### ACTIVITY
Only the number is needed: how many lines of the records include "DIRECTION"?

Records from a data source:
╭──

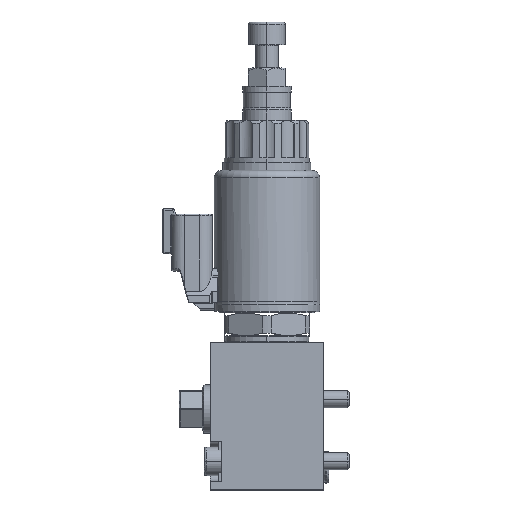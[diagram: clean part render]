
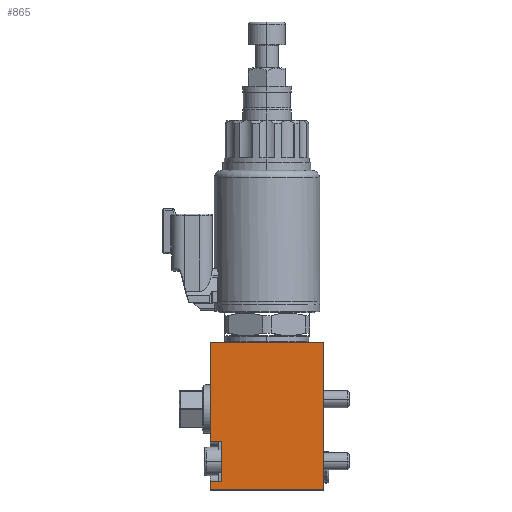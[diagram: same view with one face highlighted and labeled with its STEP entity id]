
A CAD part, top view. The second image highlights one B-rep face of the part: STEP entity #865.
In plain terms, the highlighted planar face has unit normal (0, 0, 1).
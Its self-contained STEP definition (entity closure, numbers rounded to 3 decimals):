
#865 = ADVANCED_FACE ( 'NONE', ( #10119 ), #10616, .T. ) ;
#1577 = ORIENTED_EDGE ( 'NONE', *, *, #25058, .T. ) ;
#2248 = EDGE_CURVE ( 'NONE', #35188, #8223, #13535, .T. ) ;
#4358 = CARTESIAN_POINT ( 'NONE',  ( 19.232, -35., 44. ) ) ;
#5286 = VECTOR ( 'NONE', #33450, 1000. ) ;
#5577 = CARTESIAN_POINT ( 'NONE',  ( 0., -52., 44. ) ) ;
#5807 = LINE ( 'NONE', #5577, #28801 ) ;
#6336 = EDGE_CURVE ( 'NONE', #8223, #36419, #23623, .T. ) ;
#6839 = AXIS2_PLACEMENT_3D ( 'NONE', #37789, #7920, #14721 ) ;
#7920 = DIRECTION ( 'NONE',  ( 0., 0., 1. ) ) ;
#8223 = VERTEX_POINT ( 'NONE', #40357 ) ;
#8945 = CARTESIAN_POINT ( 'NONE',  ( 19.232, -49., 44. ) ) ;
#9187 = VECTOR ( 'NONE', #32003, 1000. ) ;
#10119 = FACE_OUTER_BOUND ( 'NONE', #17811, .T. ) ;
#10616 = PLANE ( 'NONE',  #6839 ) ;
#12202 = LINE ( 'NONE', #38421, #13214 ) ;
#12338 = ORIENTED_EDGE ( 'NONE', *, *, #2248, .T. ) ;
#13214 = VECTOR ( 'NONE', #19707, 1000. ) ;
#13535 = LINE ( 'NONE', #8945, #9187 ) ;
#13914 = CARTESIAN_POINT ( 'NONE',  ( 0., 0., 44. ) ) ;
#14721 = DIRECTION ( 'NONE',  ( 1., 0., 0. ) ) ;
#15329 = VERTEX_POINT ( 'NONE', #32593 ) ;
#15336 = EDGE_CURVE ( 'NONE', #36419, #23935, #5807, .T. ) ;
#16339 = VECTOR ( 'NONE', #36433, 1000. ) ;
#17430 = CARTESIAN_POINT ( 'NONE',  ( 4., -49., 44. ) ) ;
#17512 = CARTESIAN_POINT ( 'NONE',  ( 40., 0., 44. ) ) ;
#17724 = CARTESIAN_POINT ( 'NONE',  ( 4., 0., 44. ) ) ;
#17811 = EDGE_LOOP ( 'NONE', ( #38890, #12338, #35404, #45840, #40494, #1577, #22625, #40729 ) ) ;
#17851 = EDGE_CURVE ( 'NONE', #25875, #15329, #26227, .T. ) ;
#19707 = DIRECTION ( 'NONE',  ( 0., 1., 0. ) ) ;
#20208 = DIRECTION ( 'NONE',  ( 0., -1., 0. ) ) ;
#21001 = VECTOR ( 'NONE', #43542, 1000. ) ;
#21625 = LINE ( 'NONE', #17724, #16339 ) ;
#22625 = ORIENTED_EDGE ( 'NONE', *, *, #32257, .T. ) ;
#22738 = CARTESIAN_POINT ( 'NONE',  ( 0., 0., 44. ) ) ;
#23623 = LINE ( 'NONE', #46682, #47703 ) ;
#23935 = VERTEX_POINT ( 'NONE', #24219 ) ;
#24219 = CARTESIAN_POINT ( 'NONE',  ( 40., -52., 44. ) ) ;
#25058 = EDGE_CURVE ( 'NONE', #27795, #47751, #28711, .T. ) ;
#25847 = EDGE_CURVE ( 'NONE', #23935, #27795, #12202, .T. ) ;
#25875 = VERTEX_POINT ( 'NONE', #47115 ) ;
#25960 = EDGE_CURVE ( 'NONE', #35188, #25875, #21625, .T. ) ;
#26227 = LINE ( 'NONE', #4358, #36623 ) ;
#26660 = LINE ( 'NONE', #41034, #5286 ) ;
#27795 = VERTEX_POINT ( 'NONE', #17512 ) ;
#28711 = LINE ( 'NONE', #13914, #21001 ) ;
#28801 = VECTOR ( 'NONE', #37712, 1000. ) ;
#32003 = DIRECTION ( 'NONE',  ( -1., 0., 0. ) ) ;
#32257 = EDGE_CURVE ( 'NONE', #47751, #15329, #26660, .T. ) ;
#32593 = CARTESIAN_POINT ( 'NONE',  ( 0., -35., 44. ) ) ;
#33244 = DIRECTION ( 'NONE',  ( -1., 0., 0. ) ) ;
#33450 = DIRECTION ( 'NONE',  ( 0., -1., 0. ) ) ;
#35188 = VERTEX_POINT ( 'NONE', #17430 ) ;
#35404 = ORIENTED_EDGE ( 'NONE', *, *, #6336, .T. ) ;
#36419 = VERTEX_POINT ( 'NONE', #41060 ) ;
#36433 = DIRECTION ( 'NONE',  ( 0., 1., 0. ) ) ;
#36623 = VECTOR ( 'NONE', #33244, 1000. ) ;
#37712 = DIRECTION ( 'NONE',  ( 1., 0., 0. ) ) ;
#37789 = CARTESIAN_POINT ( 'NONE',  ( 0., 0., 44. ) ) ;
#38421 = CARTESIAN_POINT ( 'NONE',  ( 40., 0., 44. ) ) ;
#38890 = ORIENTED_EDGE ( 'NONE', *, *, #25960, .F. ) ;
#40357 = CARTESIAN_POINT ( 'NONE',  ( 0., -49., 44. ) ) ;
#40494 = ORIENTED_EDGE ( 'NONE', *, *, #25847, .T. ) ;
#40729 = ORIENTED_EDGE ( 'NONE', *, *, #17851, .F. ) ;
#41034 = CARTESIAN_POINT ( 'NONE',  ( 0., 0., 44. ) ) ;
#41060 = CARTESIAN_POINT ( 'NONE',  ( 0., -52., 44. ) ) ;
#43542 = DIRECTION ( 'NONE',  ( -1., 0., 0. ) ) ;
#45840 = ORIENTED_EDGE ( 'NONE', *, *, #15336, .T. ) ;
#46682 = CARTESIAN_POINT ( 'NONE',  ( 0., 0., 44. ) ) ;
#47115 = CARTESIAN_POINT ( 'NONE',  ( 4., -35., 44. ) ) ;
#47703 = VECTOR ( 'NONE', #20208, 1000. ) ;
#47751 = VERTEX_POINT ( 'NONE', #22738 ) ;

╰──

### RESULT OF THE EXERCISE
10